▶ Listed records

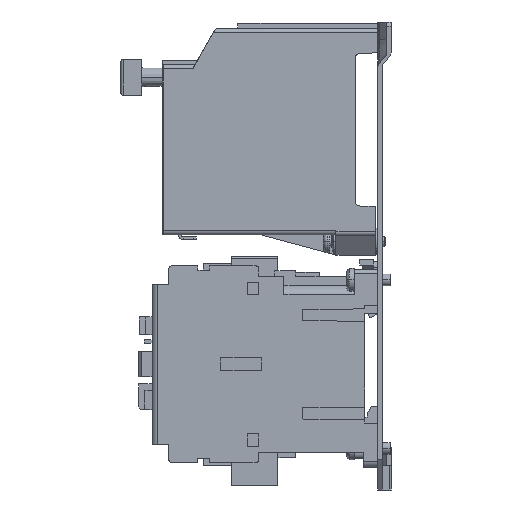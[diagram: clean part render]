
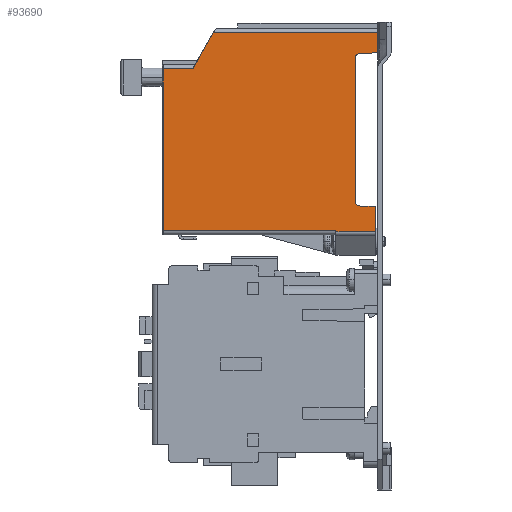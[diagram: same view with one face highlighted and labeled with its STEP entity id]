
A CAD part, left-side view. The second image highlights one B-rep face of the part: STEP entity #93690.
In plain terms, the highlighted planar face has unit normal (-1, 0, 0).
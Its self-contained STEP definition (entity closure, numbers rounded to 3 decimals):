
#5914=DIRECTION('',(0.,0.,-1.));
#5915=VECTOR('',#5914,7.168);
#5916=CARTESIAN_POINT('',(-20.015,1.651,79.507));
#5917=LINE('',#5916,#5915);
#18492=DIRECTION('',(0.,-1.,0.));
#18493=VECTOR('',#18492,58.512);
#18494=CARTESIAN_POINT('',(-20.015,60.163,
79.507));
#18495=LINE('',#18494,#18493);
#18505=CARTESIAN_POINT('',(-20.015,60.163,
79.507));
#18517=DIRECTION('',(0.,-0.999,0.035));
#18518=VECTOR('',#18517,6.462);
#18519=CARTESIAN_POINT('',(-20.015,8.109,
72.114));
#18520=LINE('',#18519,#18518);
#18524=CARTESIAN_POINT('',(-20.015,8.056,70.595));
#18525=DIRECTION('',(1.,0.,0.));
#18526=DIRECTION('',(0.,1.,0.));
#18527=AXIS2_PLACEMENT_3D('',#18524,#18525,#18526);
#18532=DIRECTION('',(0.,0.,1.));
#18533=VECTOR('',#18532,51.269);
#18534=CARTESIAN_POINT('',(-20.015,9.576,19.325));
#18535=LINE('',#18534,#18533);
#18539=CARTESIAN_POINT('',(-20.015,8.052,19.325));
#18540=DIRECTION('',(1.,0.,0.));
#18541=DIRECTION('',(0.,0.035,-0.999));
#18542=AXIS2_PLACEMENT_3D('',#18539,#18540,#18541);
#18547=DIRECTION('',(0.,0.999,0.035));
#18548=VECTOR('',#18547,5.67);
#18549=CARTESIAN_POINT('',(-20.015,2.438,17.604));
#18550=LINE('',#18549,#18548);
#18554=DIRECTION('',(0.,0.,1.));
#18555=VECTOR('',#18554,9.034);
#18556=CARTESIAN_POINT('',(-20.015,2.438,8.57));
#18557=LINE('',#18556,#18555);
#18561=DIRECTION('',(0.,0.,1.));
#18562=VECTOR('',#18561,0.447);
#18563=CARTESIAN_POINT('',(-20.015,16.485,8.57));
#18564=LINE('',#18563,#18562);
#18568=DIRECTION('',(0.,0.495,-0.869));
#18569=VECTOR('',#18568,14.857);
#18570=CARTESIAN_POINT('',(-20.015,60.163,
79.507));
#18571=LINE('',#18570,#18569);
#33021=DIRECTION('',(0.,-1.,0.));
#33022=VECTOR('',#33021,10.384);
#33023=CARTESIAN_POINT('',(-20.015,77.902,66.599));
#33024=LINE('',#33023,#33022);
#33035=CARTESIAN_POINT('',(-20.015,67.518,
66.599));
#33078=DIRECTION('',(0.,0.,1.));
#33079=VECTOR('',#33078,57.582);
#33080=CARTESIAN_POINT('',(-20.015,77.902,9.017));
#33081=LINE('',#33080,#33079);
#33124=DIRECTION('',(0.,1.,0.));
#33125=VECTOR('',#33124,61.417);
#33126=CARTESIAN_POINT('',(-20.015,16.485,9.017));
#33127=LINE('',#33126,#33125);
#35030=DIRECTION('',(0.,1.,0.));
#35031=VECTOR('',#35030,14.046);
#35032=CARTESIAN_POINT('',(-20.015,2.438,8.57));
#35033=LINE('',#35032,#35031);
#72275=CARTESIAN_POINT('',(-20.015,9.576,70.595));
#72276=CARTESIAN_POINT('',(-20.015,8.109,
72.114));
#72277=VERTEX_POINT('',#72275);
#72278=VERTEX_POINT('',#72276);
#72279=CARTESIAN_POINT('',(-20.015,8.105,
17.802));
#72280=CARTESIAN_POINT('',(-20.015,9.576,19.325));
#72281=VERTEX_POINT('',#72279);
#72282=VERTEX_POINT('',#72280);
#72341=CARTESIAN_POINT('',(-20.015,2.438,17.604));
#72342=VERTEX_POINT('',#72341);
#72369=CARTESIAN_POINT('',(-20.015,16.485,9.017));
#72371=VERTEX_POINT('',#72369);
#72373=VERTEX_POINT('',#33035);
#72385=CARTESIAN_POINT('',(-20.015,2.438,8.57));
#72386=CARTESIAN_POINT('',(-20.015,16.485,8.57));
#72387=VERTEX_POINT('',#72385);
#72388=VERTEX_POINT('',#72386);
#72477=CARTESIAN_POINT('',(-20.015,77.902,66.599));
#72478=VERTEX_POINT('',#72477);
#72481=CARTESIAN_POINT('',(-20.015,77.902,9.017));
#72482=VERTEX_POINT('',#72481);
#73301=VERTEX_POINT('',#18505);
#73308=CARTESIAN_POINT('',(-20.015,1.651,79.507));
#73309=CARTESIAN_POINT('',(-20.015,1.651,72.339));
#73310=VERTEX_POINT('',#73308);
#73311=VERTEX_POINT('',#73309);
#93658=CARTESIAN_POINT('',(-20.015,16.485,54.864));
#93659=DIRECTION('',(1.,0.,0.));
#93660=DIRECTION('',(0.,0.,-1.));
#93661=AXIS2_PLACEMENT_3D('',#93658,#93659,#93660);
#93662=PLANE('',#93661);
#93663=ORIENTED_EDGE('',*,*,#82578,.T.);
#93665=ORIENTED_EDGE('',*,*,#93664,.F.);
#93667=ORIENTED_EDGE('',*,*,#93666,.F.);
#93669=ORIENTED_EDGE('',*,*,#93668,.F.);
#93671=ORIENTED_EDGE('',*,*,#93670,.F.);
#93673=ORIENTED_EDGE('',*,*,#93672,.F.);
#93674=ORIENTED_EDGE('',*,*,#82302,.F.);
#93676=ORIENTED_EDGE('',*,*,#93675,.T.);
#93678=ORIENTED_EDGE('',*,*,#93677,.T.);
#93680=ORIENTED_EDGE('',*,*,#93679,.T.);
#93682=ORIENTED_EDGE('',*,*,#93681,.T.);
#93684=ORIENTED_EDGE('',*,*,#93683,.T.);
#93686=ORIENTED_EDGE('',*,*,#93685,.F.);
#93687=ORIENTED_EDGE('',*,*,#93641,.T.);
#93688=EDGE_LOOP('',(#93663,#93665,#93667,#93669,#93671,#93673,#93674,#93676,
#93678,#93680,#93682,#93684,#93686,#93687));
#93689=FACE_OUTER_BOUND('',#93688,.F.);
#18528=CIRCLE('',#18527,1.52);
#18543=CIRCLE('',#18542,1.524);
#82302=EDGE_CURVE('',#72387,#72342,#18557,.T.);
#82578=EDGE_CURVE('',#73310,#73311,#5917,.T.);
#93641=EDGE_CURVE('',#73301,#73310,#18495,.T.);
#93664=EDGE_CURVE('',#72278,#73311,#18520,.T.);
#93666=EDGE_CURVE('',#72277,#72278,#18528,.T.);
#93668=EDGE_CURVE('',#72282,#72277,#18535,.T.);
#93670=EDGE_CURVE('',#72281,#72282,#18543,.T.);
#93672=EDGE_CURVE('',#72342,#72281,#18550,.T.);
#93675=EDGE_CURVE('',#72387,#72388,#35033,.T.);
#93677=EDGE_CURVE('',#72388,#72371,#18564,.T.);
#93679=EDGE_CURVE('',#72371,#72482,#33127,.T.);
#93681=EDGE_CURVE('',#72482,#72478,#33081,.T.);
#93683=EDGE_CURVE('',#72478,#72373,#33024,.T.);
#93685=EDGE_CURVE('',#73301,#72373,#18571,.T.);
#93690=ADVANCED_FACE('',(#93689),#93662,.F.);

▶ The problem
Go through the entries and retype them exactly, except for the images.

▶ Solved exercise
[diagram: clean part render]
[diagram: same view with one face highlighted and labeled with its STEP entity id]
A CAD part, left-side view. The second image highlights one B-rep face of the part: STEP entity #93690.
In plain terms, the highlighted planar face has unit normal (-1, 0, 0).
Its self-contained STEP definition (entity closure, numbers rounded to 3 decimals):
#5914=DIRECTION('',(0.,0.,-1.));
#5915=VECTOR('',#5914,7.168);
#5916=CARTESIAN_POINT('',(-20.015,1.651,79.507));
#5917=LINE('',#5916,#5915);
#18492=DIRECTION('',(0.,-1.,0.));
#18493=VECTOR('',#18492,58.512);
#18494=CARTESIAN_POINT('',(-20.015,60.163,
79.507));
#18495=LINE('',#18494,#18493);
#18505=CARTESIAN_POINT('',(-20.015,60.163,
79.507));
#18517=DIRECTION('',(0.,-0.999,0.035));
#18518=VECTOR('',#18517,6.462);
#18519=CARTESIAN_POINT('',(-20.015,8.109,
72.114));
#18520=LINE('',#18519,#18518);
#18524=CARTESIAN_POINT('',(-20.015,8.056,70.595));
#18525=DIRECTION('',(1.,0.,0.));
#18526=DIRECTION('',(0.,1.,0.));
#18527=AXIS2_PLACEMENT_3D('',#18524,#18525,#18526);
#18532=DIRECTION('',(0.,0.,1.));
#18533=VECTOR('',#18532,51.269);
#18534=CARTESIAN_POINT('',(-20.015,9.576,19.325));
#18535=LINE('',#18534,#18533);
#18539=CARTESIAN_POINT('',(-20.015,8.052,19.325));
#18540=DIRECTION('',(1.,0.,0.));
#18541=DIRECTION('',(0.,0.035,-0.999));
#18542=AXIS2_PLACEMENT_3D('',#18539,#18540,#18541);
#18547=DIRECTION('',(0.,0.999,0.035));
#18548=VECTOR('',#18547,5.67);
#18549=CARTESIAN_POINT('',(-20.015,2.438,17.604));
#18550=LINE('',#18549,#18548);
#18554=DIRECTION('',(0.,0.,1.));
#18555=VECTOR('',#18554,9.034);
#18556=CARTESIAN_POINT('',(-20.015,2.438,8.57));
#18557=LINE('',#18556,#18555);
#18561=DIRECTION('',(0.,0.,1.));
#18562=VECTOR('',#18561,0.447);
#18563=CARTESIAN_POINT('',(-20.015,16.485,8.57));
#18564=LINE('',#18563,#18562);
#18568=DIRECTION('',(0.,0.495,-0.869));
#18569=VECTOR('',#18568,14.857);
#18570=CARTESIAN_POINT('',(-20.015,60.163,
79.507));
#18571=LINE('',#18570,#18569);
#33021=DIRECTION('',(0.,-1.,0.));
#33022=VECTOR('',#33021,10.384);
#33023=CARTESIAN_POINT('',(-20.015,77.902,66.599));
#33024=LINE('',#33023,#33022);
#33035=CARTESIAN_POINT('',(-20.015,67.518,
66.599));
#33078=DIRECTION('',(0.,0.,1.));
#33079=VECTOR('',#33078,57.582);
#33080=CARTESIAN_POINT('',(-20.015,77.902,9.017));
#33081=LINE('',#33080,#33079);
#33124=DIRECTION('',(0.,1.,0.));
#33125=VECTOR('',#33124,61.417);
#33126=CARTESIAN_POINT('',(-20.015,16.485,9.017));
#33127=LINE('',#33126,#33125);
#35030=DIRECTION('',(0.,1.,0.));
#35031=VECTOR('',#35030,14.046);
#35032=CARTESIAN_POINT('',(-20.015,2.438,8.57));
#35033=LINE('',#35032,#35031);
#72275=CARTESIAN_POINT('',(-20.015,9.576,70.595));
#72276=CARTESIAN_POINT('',(-20.015,8.109,
72.114));
#72277=VERTEX_POINT('',#72275);
#72278=VERTEX_POINT('',#72276);
#72279=CARTESIAN_POINT('',(-20.015,8.105,
17.802));
#72280=CARTESIAN_POINT('',(-20.015,9.576,19.325));
#72281=VERTEX_POINT('',#72279);
#72282=VERTEX_POINT('',#72280);
#72341=CARTESIAN_POINT('',(-20.015,2.438,17.604));
#72342=VERTEX_POINT('',#72341);
#72369=CARTESIAN_POINT('',(-20.015,16.485,9.017));
#72371=VERTEX_POINT('',#72369);
#72373=VERTEX_POINT('',#33035);
#72385=CARTESIAN_POINT('',(-20.015,2.438,8.57));
#72386=CARTESIAN_POINT('',(-20.015,16.485,8.57));
#72387=VERTEX_POINT('',#72385);
#72388=VERTEX_POINT('',#72386);
#72477=CARTESIAN_POINT('',(-20.015,77.902,66.599));
#72478=VERTEX_POINT('',#72477);
#72481=CARTESIAN_POINT('',(-20.015,77.902,9.017));
#72482=VERTEX_POINT('',#72481);
#73301=VERTEX_POINT('',#18505);
#73308=CARTESIAN_POINT('',(-20.015,1.651,79.507));
#73309=CARTESIAN_POINT('',(-20.015,1.651,72.339));
#73310=VERTEX_POINT('',#73308);
#73311=VERTEX_POINT('',#73309);
#93658=CARTESIAN_POINT('',(-20.015,16.485,54.864));
#93659=DIRECTION('',(1.,0.,0.));
#93660=DIRECTION('',(0.,0.,-1.));
#93661=AXIS2_PLACEMENT_3D('',#93658,#93659,#93660);
#93662=PLANE('',#93661);
#93663=ORIENTED_EDGE('',*,*,#82578,.T.);
#93665=ORIENTED_EDGE('',*,*,#93664,.F.);
#93667=ORIENTED_EDGE('',*,*,#93666,.F.);
#93669=ORIENTED_EDGE('',*,*,#93668,.F.);
#93671=ORIENTED_EDGE('',*,*,#93670,.F.);
#93673=ORIENTED_EDGE('',*,*,#93672,.F.);
#93674=ORIENTED_EDGE('',*,*,#82302,.F.);
#93676=ORIENTED_EDGE('',*,*,#93675,.T.);
#93678=ORIENTED_EDGE('',*,*,#93677,.T.);
#93680=ORIENTED_EDGE('',*,*,#93679,.T.);
#93682=ORIENTED_EDGE('',*,*,#93681,.T.);
#93684=ORIENTED_EDGE('',*,*,#93683,.T.);
#93686=ORIENTED_EDGE('',*,*,#93685,.F.);
#93687=ORIENTED_EDGE('',*,*,#93641,.T.);
#93688=EDGE_LOOP('',(#93663,#93665,#93667,#93669,#93671,#93673,#93674,#93676,
#93678,#93680,#93682,#93684,#93686,#93687));
#93689=FACE_OUTER_BOUND('',#93688,.F.);
#18528=CIRCLE('',#18527,1.52);
#18543=CIRCLE('',#18542,1.524);
#82302=EDGE_CURVE('',#72387,#72342,#18557,.T.);
#82578=EDGE_CURVE('',#73310,#73311,#5917,.T.);
#93641=EDGE_CURVE('',#73301,#73310,#18495,.T.);
#93664=EDGE_CURVE('',#72278,#73311,#18520,.T.);
#93666=EDGE_CURVE('',#72277,#72278,#18528,.T.);
#93668=EDGE_CURVE('',#72282,#72277,#18535,.T.);
#93670=EDGE_CURVE('',#72281,#72282,#18543,.T.);
#93672=EDGE_CURVE('',#72342,#72281,#18550,.T.);
#93675=EDGE_CURVE('',#72387,#72388,#35033,.T.);
#93677=EDGE_CURVE('',#72388,#72371,#18564,.T.);
#93679=EDGE_CURVE('',#72371,#72482,#33127,.T.);
#93681=EDGE_CURVE('',#72482,#72478,#33081,.T.);
#93683=EDGE_CURVE('',#72478,#72373,#33024,.T.);
#93685=EDGE_CURVE('',#73301,#72373,#18571,.T.);
#93690=ADVANCED_FACE('',(#93689),#93662,.F.);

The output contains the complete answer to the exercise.